Hi,
I'm looking for an open-source web search library that does not use a search index file. Do you know any?
Thanks, Kenneth
Hi,
I'm looking for an open-source web search library that does not use a search index file. Do you know any?
Thanks, Kenneth
The original poster clarified in a comment to this reply that what he is looking for is essentially "greplike search but through HTTP", and mentioned that he is looking for something that uses little disk as he's working with an embedded system.
I am not aware of any related projects, but you might want to look at html parsers and xquery implementations in your language of choice. You should be able to take care of "real-life" messiness of html with the former, and write a search that's almost as detailed as you might desire with the latter.
I assume that you will be working with a set of urls that will either be provided, or already stored locally, since the idea of actually crawling the whole web, discovering links, etc, in an embedded device is thoroughly unrealistic.
Although with a good html/xquery implementation, you do have the tools to extract all the links..
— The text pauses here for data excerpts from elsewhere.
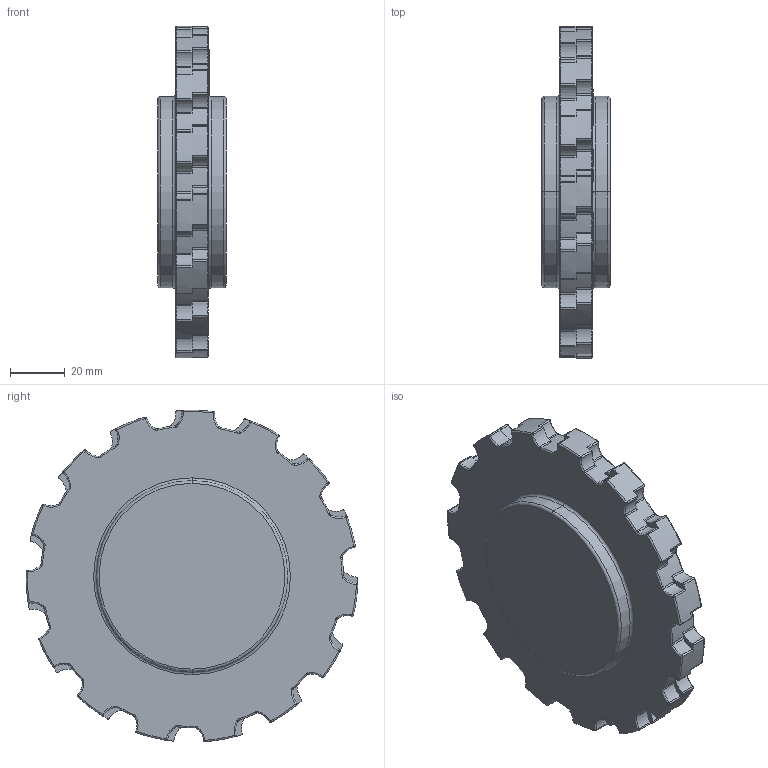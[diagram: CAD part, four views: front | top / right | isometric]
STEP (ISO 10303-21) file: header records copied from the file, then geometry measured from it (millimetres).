
FILE_DESCRIPTION((''),'2;1');
FILE_NAME('19Z15','2009-09-09T',('mth'),(''),'PRO/ENGINEER BY PARAMETRIC TECHNOLOGY CORPORATION, 2008490','PRO/ENGINEER BY PARAMETRIC TECHNOLOGY CORPORATION, 2008490','');
FILE_SCHEMA(('AUTOMOTIVE_DESIGN { 1 0 10303 214 1 1 1 1 }'));
Length unit declared in the file: millimetre
Products named in the file (1): 19Z15
Bounding box: 25 x 121.49 x 121.31 mm (x, y, z)
Volume: 178179.4 mm3; surface area: 29726.3 mm2
Topology: 1 solids, 1 shells, 853 faces, 2173 edges, 1345 vertices
Faces by surface type: plane 379, cylinder 224, torus 188, sphere 60, cone 2
Entity records: 25756 total; most frequent: DIRECTION 4823, CARTESIAN_POINT 4370, ORIENTED_EDGE 4342, EDGE_CURVE 2171, AXIS2_PLACEMENT_3D 1799, VERTEX_POINT 1345, VECTOR 1225, LINE 1225

My original answer, which was really a request for clarification:
Not sure what you mean. How do you picture a search working without an index? Crawling the web for every query? Piping through to google? Or are you referring to a specific kind of search index file that you are trying to avoid?
You mean:
search.cgi
#/bin/sh
arg=`echo $QUERY | sed -e 's/^s=//' -e 's/&.*$//'`
cd /var/www/httpd
find . -type f | xargs egrep -l "$arg" | awk 'BEGIN {
print "Content-type: text/html";
print "";
print "<HTML><HEAD><TITLE>Search Result</TITLE></HEAD>";
print "<BODY><P>Here are your search results, sorry it took so long.</P>";
print "<UL>";
}
{ print "<LI><A HREF=\"http://yourhost.com/" $1 "\">" $1 "</A></LI>"; }
END {
print "</UL></BODY>";
}'
Untested...
I guess there is none (at least that is popular enough for users here to be aware of).
We've went ahead to code our own Search system.